4. Use scipp
Status
Current
Context
We need to choose a library which helps us to transform “raw” neutron or muon data from the DAE, into processed quantities that we scan over.
Desirable features include:
Uncertainty propagation, following standard uncertainty propagation rules. While this could apply to any data in principle, it will be especially relevant for neutron/muon counts data.
Unit handling & conversions
Simple unit conversions, like microns to millimetres.

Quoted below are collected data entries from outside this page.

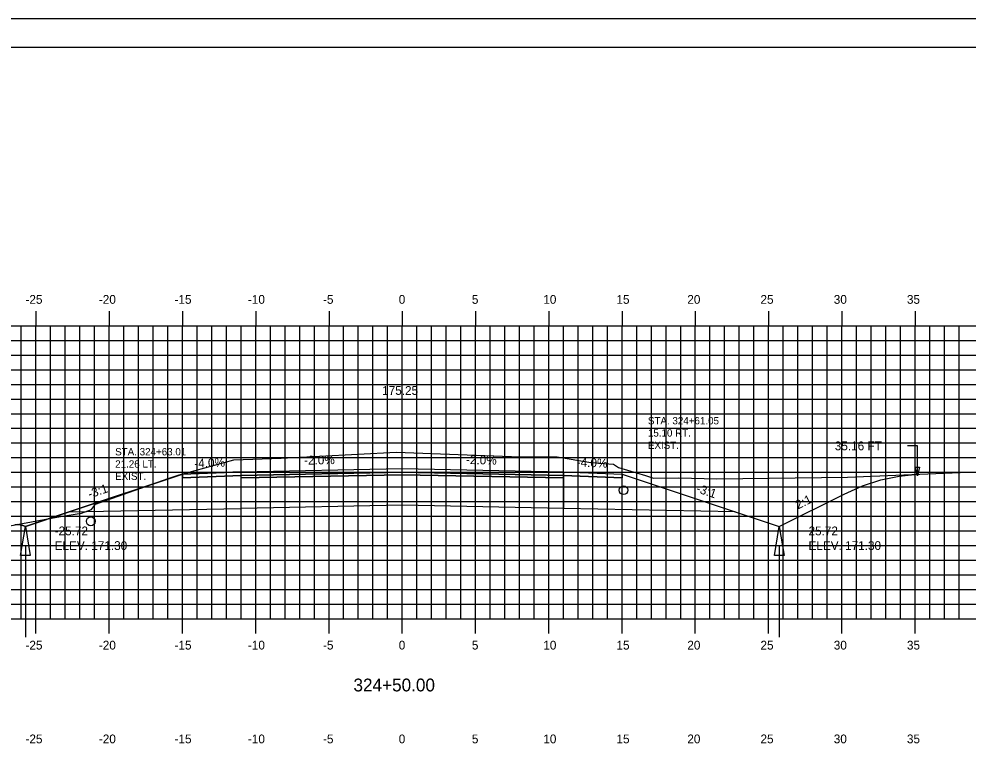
# Model space of a CAD drawing. Extents: x 1140315 to 1140485, y 608981 to 609091.
# Drawn here: x 1140372.3 to 1140437.1, y 609041.6 to 609091.3 of the extents above; entities that cross this region are included whole.
import ezdxf

# ---------------------------------------------------------------- set-up
doc = ezdxf.new("R2010")
doc.units = 0
for name, color, linetype in [('ANNOTATION', 7, 'Continuous'), ('BORDER', 7, 'Continuous'), ('D_Drainage_Ditch_Line', 7, 'Continuous'), ('D_Roadway_Centerline', 7, 'Continuous'), ('D_Roadway_Centerline_Text', 7, 'Continuous'), ('D_Roadway_Edge_Shoulder', 7, 'Continuous'), ('D_Roadway_Edge_TW', 7, 'Continuous'), ('D_Roadway_Pavement', 7, 'Continuous'), ('D_Roadway_SlopeLines', 7, 'Continuous'), ('D_Roadway_SubGrade', 7, 'Continuous'), ('D_Text_Monospaced', 7, 'Continuous'), ('D_Text_Standard', 7, 'Continuous'), ('H_V ANNOTATION', 7, 'Continuous'), ('MAJOR', 7, 'Continuous'), ('MINOR', 7, 'Continuous'), ('PLOT BOUNDARY', 7, 'Continuous'), ('S_Drainage_Invert', 7, 'Continuous'), ('S_Roadway_Centerline', 7, 'Continuous')]:
    doc.layers.add(name, color=color, linetype=linetype)

msp = doc.modelspace()

# ---------------------------------------------------------------- linework, layer by layer
msp.add_lwpolyline([(1140372.049, 609056.744), (1140372.227, 609056.762), (1140372.406, 609056.749), (1140372.585, 609056.706), (1140372.763, 609056.632), (1140375.763, 609057.632), (1140383.487, 609060.206), (1140383.488, 609060.206), (1140387.488, 609060.366), (1140398.488, 609060.586), (1140409.488, 609060.366), (1140413.488, 609060.206), (1140421.211, 609057.632), (1140424.211, 609056.632), (1140428.647, 609058.85), (1140429.897, 609059.403), (1140431.147, 609059.813), (1140432.397, 609060.079), (1140433.647, 609060.201)])
at = {"layer": 'BORDER'}
msp.add_lwpolyline([(1140323.488, 608984.335), (1140483.488, 608984.335), (1140483.488, 609089.335), (1140323.488, 609089.335)], close=True, dxfattribs=at)
at = {"layer": 'D_Drainage_Ditch_Line'}
for p, q in [((1140372.763, 609055.32), (1140372.763, 609049.076)), ((1140424.212, 609055.32), (1140424.211, 609049.076))]:
    msp.add_line(p, q, dxfattribs=at)
for points in [[(1140373.091, 609054.663), (1140372.435, 609054.663), (1140372.763, 609056.632)], [(1140424.54, 609054.663), (1140423.883, 609054.663), (1140424.211, 609056.632)]]:
    msp.add_lwpolyline(points, close=True, dxfattribs=at)
at = {"layer": 'D_Roadway_Edge_Shoulder'}
for points in [[(1140387.488, 609060.366), (1140383.488, 609060.206), (1140383.488, 609059.956), (1140387.488, 609060.116)], [(1140409.488, 609060.366), (1140413.488, 609060.206), (1140413.488, 609059.956), (1140409.488, 609060.116)]]:
    msp.add_lwpolyline(points, close=True, dxfattribs=at)
at = {"layer": 'D_Roadway_Edge_TW'}
msp.add_lwpolyline([(1140387.488, 609060.116), (1140387.488, 609060.366), (1140398.488, 609060.586), (1140409.488, 609060.366), (1140409.488, 609060.116), (1140398.488, 609060.336)], close=True, dxfattribs=at)
at = {"layer": 'D_Roadway_Pavement'}
msp.add_lwpolyline([(1140387.488, 609059.95), (1140387.488, 609060.116), (1140398.488, 609060.336), (1140409.488, 609060.116), (1140409.488, 609059.95), (1140398.488, 609060.17)], close=True, dxfattribs=at)
at = {"layer": 'D_Roadway_SlopeLines'}
for points in [[(1140424.211, 609056.632), (1140428.647, 609058.85), (1140429.897, 609059.403), (1140431.147, 609059.813), (1140432.397, 609060.079), (1140433.647, 609060.201)], [(1140375.763, 609057.632), (1140372.763, 609056.632)], [(1140421.211, 609057.632), (1140424.211, 609056.632)], [(1140372.763, 609056.632), (1140372.585, 609056.706), (1140372.406, 609056.749), (1140372.227, 609056.762), (1140372.049, 609056.744)]]:
    msp.add_lwpolyline(points, dxfattribs=at)
at = {"layer": 'D_Roadway_SubGrade'}
for points in [[(1140387.488, 609059.95), (1140387.488, 609060.116), (1140383.488, 609059.956), (1140383.488, 609060.206), (1140383.487, 609060.206), (1140375.763, 609057.632), (1140387.488, 609057.866)], [(1140387.488, 609057.866), (1140387.488, 609059.95), (1140398.488, 609060.17), (1140409.488, 609059.95), (1140409.488, 609057.866), (1140398.488, 609058.086)], [(1140409.488, 609059.95), (1140409.488, 609060.116), (1140413.488, 609059.956), (1140413.488, 609060.206), (1140413.488, 609060.206), (1140421.211, 609057.632), (1140409.488, 609057.866)]]:
    msp.add_lwpolyline(points, close=True, dxfattribs=at)
at = {"layer": 'D_Text_Standard'}
msp.add_lwpolyline([(1140433.647, 609060.1), (1140433.648, 609062.138), (1140432.968, 609062.138)], dxfattribs=at)
msp.add_lwpolyline([(1140433.647, 609060.1), (1140433.501, 609060.682), (1140433.793, 609060.682)], close=True, dxfattribs=at)
at = {"layer": 'MAJOR'}
for p, q in [((1140373.488, 609071.337), (1140373.488, 609070.335)), ((1140378.488, 609071.337), (1140378.488, 609070.335)), ((1140383.488, 609071.337), (1140383.488, 609070.335)), ((1140388.488, 609071.337), (1140388.488, 609070.335)), ((1140393.488, 609071.337), (1140393.488, 609070.335)), ((1140398.488, 609071.337), (1140398.488, 609070.335)), ((1140403.488, 609071.337), (1140403.488, 609070.335)), ((1140408.488, 609071.337), (1140408.488, 609070.335)), ((1140413.488, 609071.337), (1140413.488, 609070.335)), ((1140418.488, 609071.337), (1140418.488, 609070.335)), ((1140423.488, 609071.337), (1140423.488, 609070.335)), ((1140428.488, 609071.337), (1140428.488, 609070.335)), ((1140433.488, 609071.337), (1140433.488, 609070.335)), ((1140328.488, 609070.335), (1140468.488, 609070.335)), ((1140328.488, 609070.335), (1140468.488, 609070.335)), ((1140373.488, 609050.335), (1140373.488, 609070.335)), ((1140378.488, 609050.335), (1140378.488, 609070.335)), ((1140383.488, 609050.335), (1140383.488, 609070.335)), ((1140388.488, 609050.335), (1140388.488, 609070.335)), ((1140393.488, 609050.335), (1140393.488, 609070.335)), ((1140398.488, 609050.335), (1140398.488, 609070.335)), ((1140403.488, 609050.335), (1140403.488, 609070.335)), ((1140408.488, 609050.335), (1140408.488, 609070.335)), ((1140413.488, 609050.335), (1140413.488, 609070.335)), ((1140418.488, 609050.335), (1140418.488, 609070.335)), ((1140423.488, 609050.335), (1140423.488, 609070.335)), ((1140428.488, 609050.335), (1140428.488, 609070.335)), ((1140433.488, 609050.335), (1140433.488, 609070.335)), ((1140328.488, 609065.335), (1140468.488, 609065.335)), ((1140328.488, 609060.335), (1140468.488, 609060.335)), ((1140328.488, 609055.335), (1140468.488, 609055.335)), ((1140328.488, 609050.335), (1140468.488, 609050.335)), ((1140328.488, 609050.335), (1140468.488, 609050.335)), ((1140373.488, 609049.333), (1140373.488, 609050.335)), ((1140378.488, 609049.333), (1140378.488, 609050.335)), ((1140383.488, 609049.333), (1140383.488, 609050.335)), ((1140388.488, 609049.333), (1140388.488, 609050.335)), ((1140393.488, 609049.333), (1140393.488, 609050.335)), ((1140398.488, 609049.333), (1140398.488, 609050.335)), ((1140403.488, 609049.333), (1140403.488, 609050.335)), ((1140408.488, 609049.333), (1140408.488, 609050.335)), ((1140413.488, 609049.333), (1140413.488, 609050.335)), ((1140418.488, 609049.333), (1140418.488, 609050.335)), ((1140423.488, 609049.333), (1140423.488, 609050.335)), ((1140428.488, 609049.333), (1140428.488, 609050.335)), ((1140433.488, 609049.333), (1140433.488, 609050.335))]:
    msp.add_line(p, q, dxfattribs=at)
at = {"layer": 'MINOR'}
for p, q in [((1140372.488, 609050.335), (1140372.488, 609070.335)), ((1140374.488, 609050.335), (1140374.488, 609070.335)), ((1140375.488, 609050.335), (1140375.488, 609070.335)), ((1140376.488, 609050.335), (1140376.488, 609070.335)), ((1140377.488, 609050.335), (1140377.488, 609070.335)), ((1140379.488, 609050.335), (1140379.488, 609070.335)), ((1140380.488, 609050.335), (1140380.488, 609070.335)), ((1140381.488, 609050.335), (1140381.488, 609070.335)), ((1140382.488, 609050.335), (1140382.488, 609070.335)), ((1140384.488, 609050.335), (1140384.488, 609070.335)), ((1140385.488, 609050.335), (1140385.488, 609070.335)), ((1140386.488, 609050.335), (1140386.488, 609070.335)), ((1140387.488, 609050.335), (1140387.488, 609070.335)), ((1140389.488, 609050.335), (1140389.488, 609070.335)), ((1140390.488, 609050.335), (1140390.488, 609070.335)), ((1140391.488, 609050.335), (1140391.488, 609070.335)), ((1140392.488, 609050.335), (1140392.488, 609070.335)), ((1140394.488, 609050.335), (1140394.488, 609070.335)), ((1140395.488, 609050.335), (1140395.488, 609070.335)), ((1140396.488, 609050.335), (1140396.488, 609070.335)), ((1140397.488, 609050.335), (1140397.488, 609070.335)), ((1140399.488, 609050.335), (1140399.488, 609070.335)), ((1140400.488, 609050.335), (1140400.488, 609070.335)), ((1140401.488, 609050.335), (1140401.488, 609070.335)), ((1140402.488, 609050.335), (1140402.488, 609070.335)), ((1140404.488, 609050.335), (1140404.488, 609070.335)), ((1140405.488, 609050.335), (1140405.488, 609070.335)), ((1140406.488, 609050.335), (1140406.488, 609070.335)), ((1140407.488, 609050.335), (1140407.488, 609070.335)), ((1140409.488, 609050.335), (1140409.488, 609070.335)), ((1140410.488, 609050.335), (1140410.488, 609070.335)), ((1140411.488, 609050.335), (1140411.488, 609070.335)), ((1140412.488, 609050.335), (1140412.488, 609070.335)), ((1140414.488, 609050.335), (1140414.488, 609070.335)), ((1140415.488, 609050.335), (1140415.488, 609070.335)), ((1140416.488, 609050.335), (1140416.488, 609070.335)), ((1140417.488, 609050.335), (1140417.488, 609070.335)), ((1140419.488, 609050.335), (1140419.488, 609070.335)), ((1140420.488, 609050.335), (1140420.488, 609070.335)), ((1140421.488, 609050.335), (1140421.488, 609070.335)), ((1140422.488, 609050.335), (1140422.488, 609070.335)), ((1140424.488, 609050.335), (1140424.488, 609070.335)), ((1140425.488, 609050.335), (1140425.488, 609070.335)), ((1140426.488, 609050.335), (1140426.488, 609070.335)), ((1140427.488, 609050.335), (1140427.488, 609070.335)), ((1140429.488, 609050.335), (1140429.488, 609070.335)), ((1140430.488, 609050.335), (1140430.488, 609070.335)), ((1140431.488, 609050.335), (1140431.488, 609070.335)), ((1140432.488, 609050.335), (1140432.488, 609070.335)), ((1140434.488, 609050.335), (1140434.488, 609070.335)), ((1140435.488, 609050.335), (1140435.488, 609070.335)), ((1140436.488, 609050.335), (1140436.488, 609070.335)), ((1140328.488, 609069.335), (1140468.488, 609069.335)), ((1140328.488, 609068.335), (1140468.488, 609068.335)), ((1140328.488, 609067.335), (1140468.488, 609067.335)), ((1140328.488, 609066.335), (1140468.488, 609066.335)), ((1140328.488, 609064.335), (1140468.488, 609064.335)), ((1140328.488, 609063.335), (1140468.488, 609063.335)), ((1140328.488, 609062.335), (1140468.488, 609062.335)), ((1140328.488, 609061.335), (1140468.488, 609061.335)), ((1140328.488, 609059.335), (1140468.488, 609059.335)), ((1140328.488, 609058.335), (1140468.488, 609058.335)), ((1140328.488, 609057.335), (1140468.488, 609057.335)), ((1140328.488, 609056.335), (1140468.488, 609056.335)), ((1140328.488, 609054.335), (1140468.488, 609054.335)), ((1140328.488, 609053.335), (1140468.488, 609053.335)), ((1140328.488, 609052.335), (1140468.488, 609052.335)), ((1140328.488, 609051.335), (1140468.488, 609051.335))]:
    msp.add_line(p, q, dxfattribs=at)
at = {"layer": 'PLOT BOUNDARY'}
msp.add_lwpolyline([(1140315.395, 608981.276), (1140485.395, 608981.276), (1140485.395, 609091.276), (1140315.395, 609091.276)], close=True, dxfattribs=at)
at = {"layer": 'S_Drainage_Invert'}
for centre in [(1140413.585, 609059.107), (1140377.227, 609056.988)]:
    msp.add_circle(centre, 0.3, dxfattribs=at)
at = {"layer": 'S_Roadway_Centerline'}
msp.add_lwpolyline([(1140368.956, 609056.168), (1140375.166, 609057.325), (1140376.592, 609057.541), (1140377.277, 609057.792), (1140377.554, 609058.165), (1140382.514, 609059.91), (1140383.263, 609060.167), (1140383.704, 609060.271), (1140386.994, 609061.174), (1140390.217, 609061.308), (1140398.07, 609061.704), (1140405.943, 609061.414), (1140409.064, 609061.381), (1140411.348, 609060.996), (1140412.9, 609060.895), (1140413.245, 609060.66), (1140415.077, 609060.121), (1140415.631, 609059.932), (1140417.362, 609059.96), (1140419.951, 609059.88), (1140428.868, 609060.007), (1140437.102, 609060.342), (1140459.468, 609061.257), (1140467.056, 609061.448)], dxfattribs=at)

# ---------------------------------------------------------------- texts
at = {"layer": 'ANNOTATION'}
for s, rotation, p in [('-4.0%', 2.29061, (1140384.304, 609060.64)), ('-2.0%', 1.14576, (1140391.791, 609060.853)), ('-2.0%', 358.85424, (1140402.831, 609060.9)), ('-4.0%', 357.70939, (1140410.384, 609060.731)), ('-3:1', 18.43482, (1140377.142, 609058.546)), ('-3:1', 341.56521, (1140418.499, 609058.99)), ('2:1', 26.56505, (1140425.502, 609057.795))]:
    msp.add_text(s, height=0.6, rotation=rotation, dxfattribs=at).set_placement(p)
at = {"layer": 'D_Roadway_Centerline'}
for s, p in [('C', (1140398.483, 609060.586)), ('L', (1140398.488, 609060.579))]:
    msp.add_text(s, height=0.0146, dxfattribs=at).set_placement(p)
at = {"layer": 'D_Roadway_Centerline_Text'}
msp.add_text('175.25', height=0.6, dxfattribs=at).set_placement((1140397.115, 609065.618))
at = {"layer": 'D_Text_Monospaced'}
for s, height, p in [('STA. 324+61.05', 0.49998, (1140415.252, 609063.605)), ('15.10 RT.', 0.5, (1140415.252, 609062.771)), ('STA. 324+63.01', 0.49998, (1140378.894, 609061.486)), ('EXIST. ', 0.5, (1140415.252, 609061.931)), ('21.26 LT.', 0.5, (1140378.894, 609060.652)), ('EXIST. ', 0.5, (1140378.894, 609059.812))]:
    msp.add_text(s, height=height, dxfattribs=at).set_placement(p)
at = {"layer": 'D_Text_Standard'}
for s, p in [('35.16 FT', (1140428.005, 609061.838)), ('-25.72', (1140374.763, 609056.032)), ('25.72', (1140426.212, 609056.032)), ('ELEV. 171.30', (1140374.763, 609055.03)), ('ELEV. 171.30', (1140426.212, 609055.03))]:
    msp.add_text(s, height=0.6, dxfattribs=at).set_placement(p)
at = {"layer": 'H_V ANNOTATION'}
for s, height, p in [('-25', 0.6, (1140372.773, 609071.835)), ('-20', 0.6, (1140377.781, 609071.835)), ('-15', 0.6, (1140382.945, 609071.835)), ('-10', 0.6, (1140387.953, 609071.835)), ('-5', 0.6, (1140393.079, 609071.835)), ('0', 0.6, (1140398.247, 609071.835)), ('5', 0.6, (1140403.239, 609071.835)), ('10', 0.6, (1140408.113, 609071.835)), ('15', 0.6, (1140413.105, 609071.835)), ('20', 0.6, (1140417.942, 609071.835)), ('25', 0.6, (1140422.934, 609071.835)), ('30', 0.6, (1140427.937, 609071.835)), ('35', 0.6, (1140432.929, 609071.835)), ('-25', 0.6, (1140372.773, 609048.235)), ('-20', 0.6, (1140377.781, 609048.235)), ('-15', 0.6, (1140382.945, 609048.235)), ('-10', 0.6, (1140387.953, 609048.235)), ('-5', 0.6, (1140393.079, 609048.235)), ('0', 0.6, (1140398.247, 609048.235)), ('5', 0.6, (1140403.239, 609048.235)), ('10', 0.6, (1140408.113, 609048.235)), ('15', 0.6, (1140413.105, 609048.235)), ('20', 0.6, (1140417.942, 609048.235)), ('25', 0.6, (1140422.934, 609048.235)), ('30', 0.6, (1140427.937, 609048.235)), ('35', 0.6, (1140432.929, 609048.235)), ('324+50.00', 0.875, (1140395.156, 609045.378)), ('-25', 0.6, (1140372.773, 609041.835)), ('-20', 0.6, (1140377.781, 609041.835)), ('-15', 0.6, (1140382.945, 609041.835)), ('-10', 0.6, (1140387.953, 609041.835)), ('-5', 0.6, (1140393.079, 609041.835)), ('0', 0.6, (1140398.247, 609041.835)), ('5', 0.6, (1140403.239, 609041.835)), ('10', 0.6, (1140408.113, 609041.835)), ('15', 0.6, (1140413.105, 609041.835)), ('20', 0.6, (1140417.942, 609041.835)), ('25', 0.6, (1140422.934, 609041.835)), ('30', 0.6, (1140427.937, 609041.835)), ('35', 0.6, (1140432.929, 609041.835))]:
    msp.add_text(s, height=height, dxfattribs=at).set_placement(p)
at = {"layer": 'S_Roadway_Centerline'}
for s, p in [('L', (1140398.061, 609061.697)), ('C', (1140398.064, 609061.704))]:
    msp.add_text(s, height=0.0146, dxfattribs=at).set_placement(p)

doc.saveas('drawing.dxf')

Neutron-specific unit conversions, like time-of-flight to wavelength
Ability to handle the typical types of data we would acquire from the DAE and process as part of a scan:
Histograms of neutron/muon counts
N-dimensional arrays
Event-mode data (in future)
Candidate solutions include:
mantid
scipp
uncertainties
numpy
+ home-grown uncertainty-propagation
Decision
Default to using
scipp
for most casesExplore using
mantid
via autoreduction APIs, where we need to do more complex reductions
Justification & Consequences
numpy
Using numpy
by itself is eliminated on the basis that we would need to write our own uncertainty-propagation code,
which is error prone.
numpy
by itself may still be used in places where uncertainty propagation is not needed.
uncertainties
The uncertainties
package tracks correlations so may have bad scaling on “large” arrays, where correlation matrices
can become large in some cases. Would need to be combined with another library, e.g. pint
, in order to also support
physical units. No neutron-specific functionality.
mantid
Mantid is not easily installable (e.g. via pip
at present).
While we have a way to call out to mantid via a REST API, initial tests have shown that the latency of this approach is around 15 seconds. This means it is unsuitable for many types of scans, for example alignment scans, where count times are far lower than 15 seconds.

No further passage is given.